President of the United States Soccer Federation
- In office March 11, 1974 – February 10, 1984
- Preceded by: James McGuire
- Succeeded by: Werner Fricker

Vice President of United States Soccer Federation

Personal details
- Born: September 16, 1917 Milwaukee, Wisconsin, U.S.
- Died: March 28, 2000 (aged 82) Milwaukee, Wisconsin, U.S.

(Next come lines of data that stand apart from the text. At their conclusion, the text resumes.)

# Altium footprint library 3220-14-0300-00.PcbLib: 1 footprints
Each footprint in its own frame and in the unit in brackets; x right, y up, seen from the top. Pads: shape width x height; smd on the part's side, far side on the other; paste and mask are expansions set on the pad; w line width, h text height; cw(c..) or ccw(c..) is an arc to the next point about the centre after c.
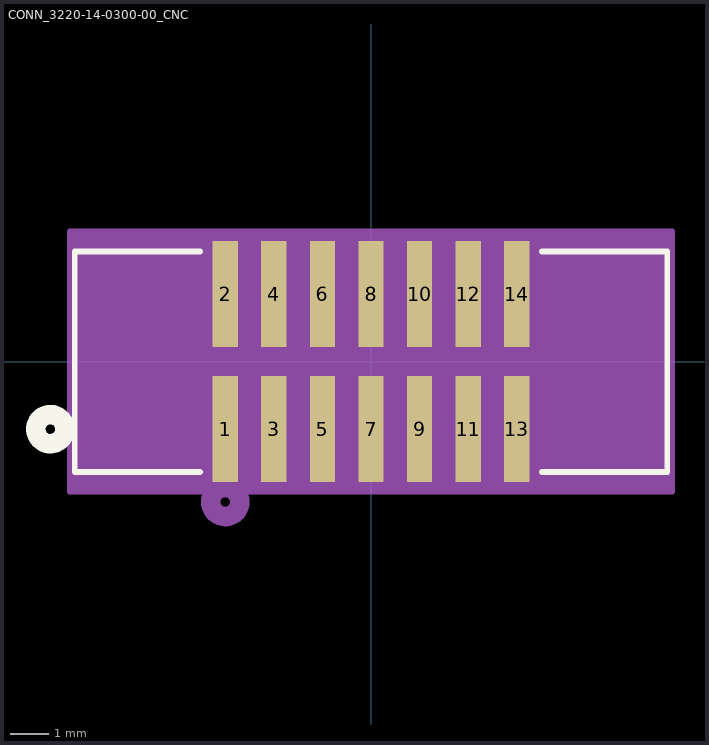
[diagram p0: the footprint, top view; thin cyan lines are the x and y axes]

## CONN_3220-14-0300-00_CNC [mil]
pads (14):
  rect 26x109 smd paste+0 mask+0: 1(-150,-69.49) 2(-150,69.49) 3(-100,-69.49) 4(-100,69.49) 5(-50,-69.49) 6(-50,69.49) 7(0,-69.49) 8(0,69.49) 9(50,-69.49) 10(50,69.49) 11(100,-69.49) 12(100,69.49) 13(150,-69.49) 14(150,69.49)
Top Overlay:
  circle w20: c-330,-69.49 r15
  lines w6: -176.1,-113.5 -305,-113.5 -305,113.5 -176.1,113.5 ; 176.1,-113.5 305,-113.5 305,113.5 176.1,113.5
Bottom Overlay:
  circle w20: c-330,-69.49 r15
Mechanical 13:
  circle w20: c-150,-144.49 r15
  lines w1: -300,-108.5 300,-108.5 300,108.5 -300,108.5 -300,-108.5
Mechanical 15:
  region: 310,133.99 -310,133.99 -310,-133.99 310,-133.99
  lines w6: -310,-133.99 -310,133.99 310,133.99 310,-133.99 -310,-133.99
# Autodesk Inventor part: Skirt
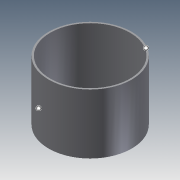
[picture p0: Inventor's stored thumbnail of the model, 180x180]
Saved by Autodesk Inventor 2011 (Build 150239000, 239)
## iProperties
Created: 2010-06
Part Number: Skirt
Document SubType Name: Modeling
Designer: mklassen
Density: 1 g/cm^3
OD: 24.000 in
THK: 0.500 in
LEN: 1.500 ft
SKVOFS: 6.000 in
Author: mklassen
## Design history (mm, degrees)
sketch "skSkirt"
  geometry: C1 r 317.5 at (0, 0); C2 r 304.8 at (0, 0); 1 further point
  constraints: 2 centre point, 1 coincident
  dimensions: "d0" = 609.6 diameter of C2 (derived); "d1" = 12.7 radial gap between concentric circles of C1 C2 (derived)
extrude "Extrusion1" new body sketch "skSkirt" stored distance "d2" = 457.2 (derived); taper "d3" = 0 deg
body "Solid1"
other parameters: "d4" = 152.4 (derived), "d5" = 0

= Gene Edwards (soccer executive) =

American soccer executive (1917–2000)

Gene Edwards (September 16, 1917 – March 28, 2000) was an American sports administrator who was the president of the United States Soccer Federation, and was a member of the U.S. Soccer Hall of Fame and the CONCACAF Hall of Fame.

==Life and career==
Edwards was born in Milwaukee, Wisconsin on September 16, 1917. He served as a vice president of U.S. Soccer from 1968. Edwards was president of the United States Soccer Federation from 1974 to 1984. Edwards also served as a member of the FIFA Amateur Committee, the CONCACAF Executive Committee, and the Executive Committee of the United States Olympic Committee. Edwards was coach of the United States teams at the 1971 and 1975 Pan-American Games and the 1972 Olympic Games. Edwards was inducted into the U.S. Soccer Hall of Fame in 1985. He died in Milwaukee on March 28, 2000, at the age of 82.